Likewise, however, is not the Weimar Repulic and te Beer Keller Putschs an imporrtant warning from the past?

'To save our future, we must learn about the past!!!' as a theme tune to a cartoon once went. No idea which one.
 
#16
I think Mikal has a point insofar as there has been a PC attitude to some history, particularly when there is a military theme to it. I also believe that there are some teachers who have been indoctrinated with the PC attitude to history i.e abolition of slavery/ tollpuddle matyrs good. WW1/WW2 not so good. Despite the fact that the RN upheld the abolition of slavery with roundshot and canister. Such is the nature of brutal reality.
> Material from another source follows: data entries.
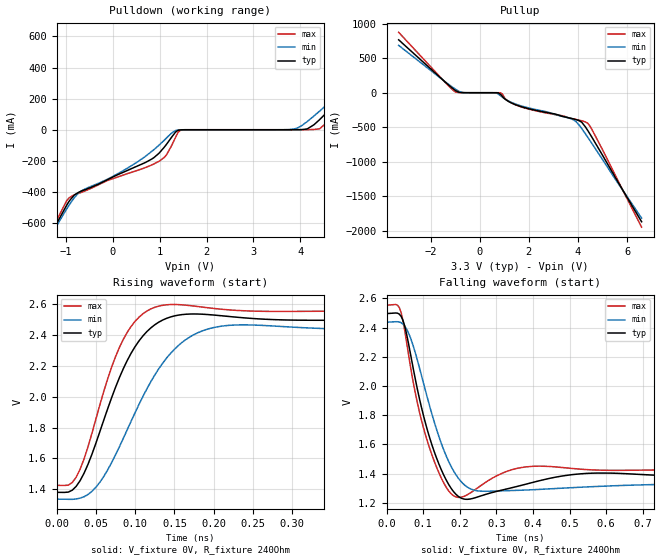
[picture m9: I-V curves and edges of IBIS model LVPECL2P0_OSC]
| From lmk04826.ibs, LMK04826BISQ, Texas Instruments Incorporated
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|   Model LVPECL2P0V
[Model]   LVPECL2P0_OSC
Model_type   Output
Polarity   Non-Inverting
Vmeas = 1.99
Vref = 1.99
Cref = .3pF
Rref = 240
|   typ   min   max
|   (nom PVT)   (fast PVT)   (slow PVT)
C_comp   0.2109p   0.1807p   0.2310p
|C_comp (Low state)   0.2109p   0.1807p   0.2310p
|C_comp (High state)   0.9933p   0.9197p   1.0724p
[Voltage Range]   3.3   3.15   3.45
[Temperature Range]   27   125   -40
[Pullup Reference]   3.3   3.15   3.45
[Pulldown Reference]   0   0   0
[Power Clamp Reference]   3.3   3.15   3.45
[GND Clamp Reference]   0   0   0
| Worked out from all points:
|   slope of the pulldown table from 0 to 0.495 V, typ, clamps not added: 7.42 ohm
|   falling waveform, V_fixture 0V, R_fixture 240Ohm: 20-80 % time 61.8ps typ, 77.5ps min, 55.1ps max; typ from 2.5 V to 1.38 V
|   rising waveform, V_fixture 0V, R_fixture 240Ohm: 20-80 % time 50.8ps typ, 66.8ps min, 42.4ps max; typ from 1.38 V to 2.5 V
[Pulldown]
|   Voltage   I(typ)   I(min)   I(max)
-3.3V     -1.869A    -1.737A    -2.051A
-1.28V    -652.5mA   -661.4mA   -639.7mA
-983.4mV  -485.5mA   -510mA     -456.6mA
-825mV    -421.3mA   -438.6mA   -419mA
986.7mV   -150.5mA   -99.33mA   -202.4mA
1.145V    -93.97mA   -53.27mA   -161.1mA
1.452V    -583uA     -287.8uA   -1.99mA
3.769V    8.124uA    1.31mA     128.1nA
4.155V    6.485mA    54.36mA    475.7uA
4.412V    65.2mA     120mA      6.277mA
5.145V    293.7mA    319.5mA    257.9mA
6.59V     761.2mA    723.2mA    811.3mA
[Pullup]
|   Voltage   I(typ)   I(min)   I(max)
-3.3V     764.4mA    683.9mA    873mA
-983.4mV  30.09mA    49.29mA    9.236mA
-686.4mV  508.5uA    3.353mA    377.6uA
561mV     -3.193uA   -260.9uA   -15.17nA
848.1mV   -23.41mA   -44.36mA   -1.6mA
1.115V    -113.3mA   -109.9mA   -110.4mA
1.531V    -182.7mA   -172.8mA   -185.6mA
3.739V    -372.4mA   -379.6mA   -372.9mA
4.125V    -420.2mA   -504.9mA   -403.5mA
4.392V    -543.2mA   -640.9mA   -440.5mA
4.966V    -883.9mA   -948.6mA   -801.6mA
6.59V     -1.865A    -1.813A    -1.943A
[Ramp]
R_load = 240
|   typ   min   max
dV/dt_r   0.669407/5.08194e-11   0.660633/6.67586e-11   0.676564/4.24188e-11
dV/dt_f   0.66946/6.18152e-11   0.660583/7.75013e-11   0.676594/5.50565e-11
[Falling Waveform]
V_fixture = 0V
V_fixture_min = 0V
V_fixture_max = 0V
R_fixture = 240Ohm
C_fixture = 0F
|   Time   V(typ)   V(min)   V(max)
0s        2.496V     2.437V     2.553V
35ps      2.492V     2.439V     2.537V
60ps      2.291V     2.364V     2.217V
85ps      1.97V      2.171V     1.877V
120ps     1.628V     1.843V     1.557V
190ps     1.258V     1.391V     1.24V
245ps     1.237V     1.284V     1.296V
400ps     1.34V      1.29V      1.45V
575ps     1.404V     1.312V     1.424V
1.9ns     1.38V      1.336V     1.426V
[Rising Waveform]
V_fixture = 0V
V_fixture_min = 0V
V_fixture_max = 0V
R_fixture = 240Ohm
C_fixture = 0F
|   Time   V(typ)   V(min)   V(max)
0s        1.381V     1.336V     1.426V
25ps      1.42V      1.338V     1.479V
55ps      1.772V     1.445V     1.944V
75ps      2.06V      1.623V     2.258V
95ps      2.282V     1.842V     2.456V
115ps     2.422V     2.051V     2.554V
140ps     2.507V     2.25V      2.595V
180ps     2.535V     2.414V     2.583V
230ps     2.514V     2.464V     2.558V
1.9ns     2.496V     2.437V     2.554V
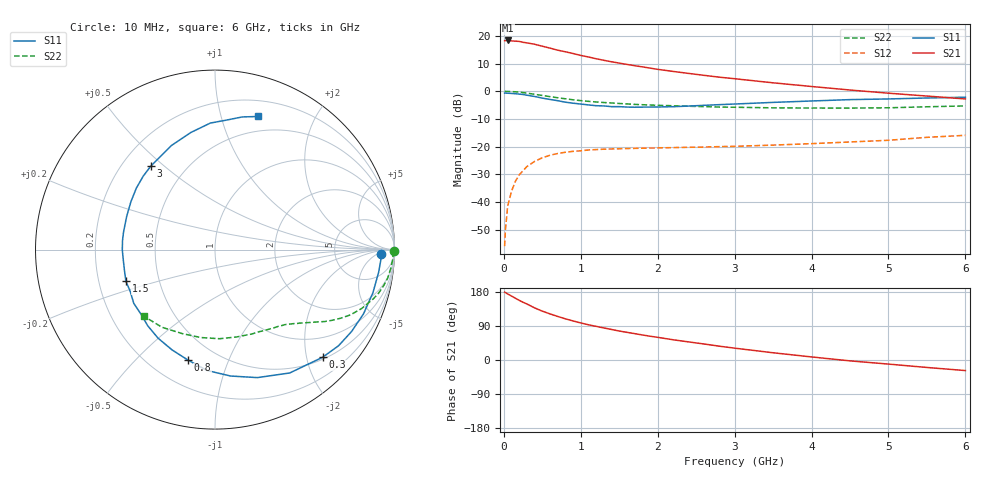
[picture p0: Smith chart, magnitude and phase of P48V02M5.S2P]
! SIEMENS Small Signal Semiconductors
! BFP182
! Si NPN RF Bipolar Junction Transistor in SOT143
! VCE = 8 V  IC = 2.5 mA
! Common Emitter S-Parameters:  March  1996
# GHz  S  MA  R  50
!  f  S11  S21  S12  S22
! GHz  MAG  ANG  MAG  ANG  MAG  ANG  MAG  ANG
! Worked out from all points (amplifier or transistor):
!   36 points, 10 MHz to 6 GHz, reference 50 ohm
!   highest |S21| = 18.3 dB at 50 MHz (marker M1)
!   |S21| within 3 dB of that: start of sweep to 632.2 MHz
!   unconditionally stable (mu >= 1): 2.105 GHz to 5.928 GHz
!   at 250 MHz: K = 0.14, MSG = 23.2 dB, |S12| = -28.7 dB
!   at 1.4 GHz: K = 0.72, MSG = 15.7 dB, |S12| = -20.8 dB
!   at 6 GHz: K = 0.99, MSG = 6.6 dB, |S12| = -15.9 dB
!   S11 on the Smith chart (normalised r, x): 10 MHz: 24, -8; 300 MHz: 0.54, -2.31; 800 MHz: 0.35, -0.72; 1.5 GHz: 0.32, -0.15; 3 GHz: 0.32, +0.45; 6 GHz: 0.35, +1.31
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0.01  0.9269 -1.5  8.157 179.0  0.0016 83.9  0.9947 -0.6
0.02  0.9265 -3.2  8.185 178.1  0.0031 88.5  0.9922 -1.3
0.05  0.9204 -7.9  8.239 174.3  0.0085 88.1  0.9918 -3.1
0.1  0.9121 -15.3  8.087 168.7  0.0157 80.5  0.9845 -6.2
0.2  0.8872 -31.0  7.922 157.4  0.031 72.3  0.9608 -12.1
0.3  0.8482 -45.0  7.445 147.8  0.0438 64.8  0.9234 -17.3
0.4  0.8036 -58.8  7.039 137.5  0.0541 57.5  0.8805 -21.9
0.5  0.7512 -71.7  6.487 128.9  0.063 51.0  0.838 -25.7
0.6  0.7096 -83.0  5.997 121.7  0.07 46.0  0.7984 -28.6
0.7  0.675 -93.7  5.501 115.0  0.0752 42.0  0.7624 -31.1
0.8  0.6339 -103.7  5.15 108.6  0.0792 38.0  0.7302 -33.3
1  0.5867 -122.7  4.425 97.8  0.0841 32.0  0.6765 -36.8
1.1  0.5661 -131.5  4.145 92.9  0.0871 29.9  0.6562 -38.3
1.3  0.5427 -146.5  3.61 84.6  0.09 26.2  0.6252 -40.9
1.5  0.5267 -160.5  3.217 76.5  0.0914 23.7  0.6004 -43.4
1.8  0.5164 -179.8  2.752 66.1  0.0937 21.5  0.571 -47.1
2.2  0.5257 159.4  2.276 53.4  0.096 19.5  0.5466 -52.8
3  0.5872 127.4  1.681 31.3  0.1013 18.4  0.5134 -66.2
3.5  0.6287 112.7  1.417 19.1  0.1066 18.4  0.5015 -76.0
4.5  0.7055 92.1  1.051 -2.3  0.1215 18.6  0.4962 -99.1
5.5  0.7545 78.4  0.818 -19.7  0.1472 17.6  0.5238 -124.3
6  0.7789 72.2  0.725 -27.9  0.16 14.4  0.5427 -136.7

My cadet unit is based in a school, we have a notice board up which until recently had a schematic of the L98A2 in it amongst posters of canoeing and adventure training etc, just a schematic in the same way as you see in haynes manuals for cars.
One of the teachers complained that it was "inappropriate" and we had to subsequently remove it. This is despite the fact that most of the kids will play on 18 themed games at home like C.O.D. I would not have minded if the individual in question had approached myself or the other instructor directly and given us the opportunity to explain the ethos behind teaching weapons and why it is in the syllabus, but they obviously had a preconception without bothering to look deeper.
I think that military history inculcates similar preconceptions amongst some in the teaching profession and the wider left leaning media especially given the recent military conflicts that the country has been involved in.
 
#17
Hmmm, to be fair, I tried this edumacating the kids on their history thing.

Took my daughter to the Gurkha Museum, where we went through the info on the first Afghan War, then the Second Afghan war, then the third Afghan war..

She says "Dad, surely we should have learned something by now"

Have to admit, I was properly stumped at that one!
 
#18
It breaks my heart to think that the majority of our young society don't care a flying **** about the past..... Computer games, getting pissed, having sex, getting high, trying to be the number1 Facebook shit and getting rich are far more important on one's personal agenda.

Some of these points may also apply to mature adults too! :)

Only the wise know that the events of the past have shaped our today!
 
#19
History and its teaching is very important... but not to get all patriotic and ignore the bits where the nation fucked up or were horribly beasted etc... history is about teaching kids to read a tract, identify the bias within it and comment upon the themes etc that applied at the time it was written as a source document.

Heritage is all about getting misty eyed over the sound of a merlin... dont get confused with history which is an analytical skill.

had the battle of Britain been fought at 30 000 feet , without a turbo engine, or in an airspace a bit closer to the continent the RAF would have lost.
 
#20
Article in one of the papers today regarding the visit of Hollande to the British war graves in France on the anniversary of D Day (first one ever by a French president, apparently). Seems most of the British visitors now want to see the American landing areas as they have been brought up on a diet of Saving Private Ryan and Band of Brothers etc. That the French have virtually ignored the British (and Canadian) contributions to D Day and used to give the credit to the Americans seems to be rubbing off onto the American film and TV raised youth of Britain as well.
We'll soon be at the stage when WW2 veterans will be throwing off this mortal coil and will be wheeled out at Remembrance Parades as the last of the few. My Dad left school at 14 and went straight into the Merchant Navy. He was celebrating his 17th birthday the day WW2 broke out and that makes him 90 this year. He went through the war mainly on minesweepers and minelayers (including the Atlantic convoys, the Murmansk run and the D Day landings). He never talked to me about it very much but I am pleased that my grandkids (his great grandkids) ask him about his experiences and he seems happy to talk about it to them. A bit of military type humour seems to pepper his talks which is great as I feel the experiences were still a little close to home for him when I was young and he was reluctant to talk about it to me but appears to have put that behind him when chatting to the great grandkids.